• Try it
The word to look for is "surface". Report every line of the entries below that has it.

(Collected data)
----
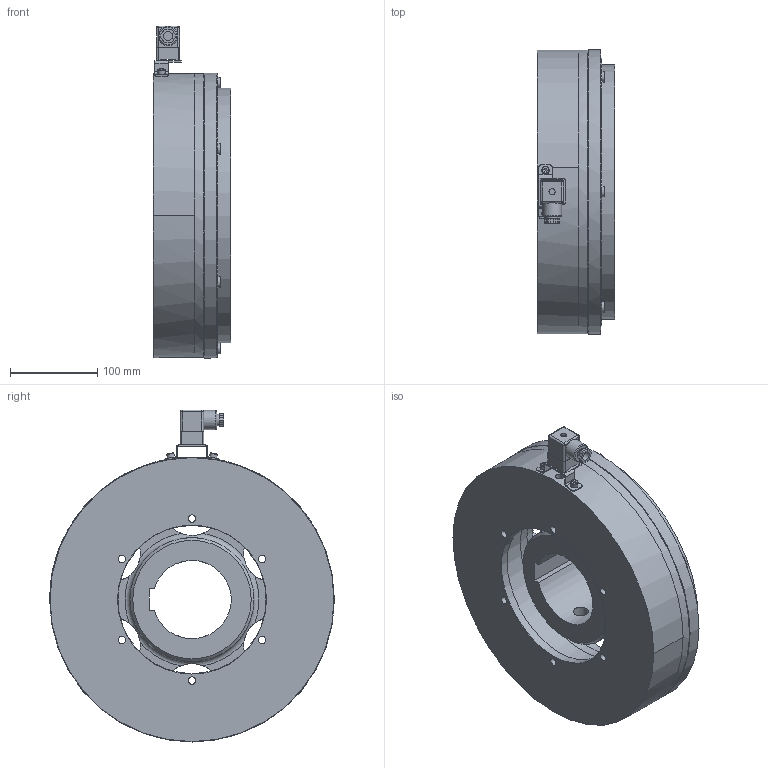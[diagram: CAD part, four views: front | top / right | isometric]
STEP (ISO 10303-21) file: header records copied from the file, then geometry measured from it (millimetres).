
FILE_DESCRIPTION(/* description */ (''),/* implementation_level */ '2;1');
FILE_NAME(/* name */ 'X:\INVENTOR\DISEGNI\08_Freni_Friz_Elettmag_Monodisco\08_28 EMFL_DF\EMFL_DF STEP\08_28_310_13 EMFL310_DF-C-MI_S@STEP.stp',/* time_stamp */ '2018-04-23T09:43:16+02:00',/* author */ ('stefano'),/* organization */ (''),/* preprocessor_version */ 'ST-DEVELOPER v17',/* originating_system */ 'Autodesk Inventor 2018',/* authorisation */ '');
FILE_SCHEMA (('AUTOMOTIVE_DESIGN { 1 0 10303 214 3 1 1 }'));
Length unit declared in the file: millimetre
Products named in the file (1): 08_28_310_13 EMFL310_DF-C-MI - Spina_Substitute_1
Bounding box: 89 x 327 x 381.11 mm (x, y, z)
Volume: 4714255.6 mm3; surface area: 595379.6 mm2
Topology: 3 solids, 3 shells, 622 faces, 1851 edges, 1239 vertices
Faces by surface type: cylinder 333, plane 223, cone 52, torus 10, sphere 4
Full cylindrical faces by diameter (mm): 2 x1, 3 x12, 5 x2, 7 x1, 8.1 x12, 8.376 x6, 8.5 x8, 9 x2, 10.5 x1, 12 x12, 13 x1, 15 x12, 16 x6, 17.294 x2, 22 x1, 35 x6, 65 x6, 142 x1, 170 x1, 202 x2, 214 x1, 238 x1, 292 x1, 300 x1, 326 x1, 327 x1
Entity records: 22635 total; most frequent: CARTESIAN_POINT 4262, DIRECTION 4099, ORIENTED_EDGE 3684, EDGE_CURVE 1842, AXIS2_PLACEMENT_3D 1721, VERTEX_POINT 1243, CIRCLE 1098, EDGE_LOOP 781
----
• Response to this task
Volume: 4714255.6 mm3; surface area: 595379.6 mm2
Faces by surface type: cylinder 333, plane 223, cone 52, torus 10, sphere 4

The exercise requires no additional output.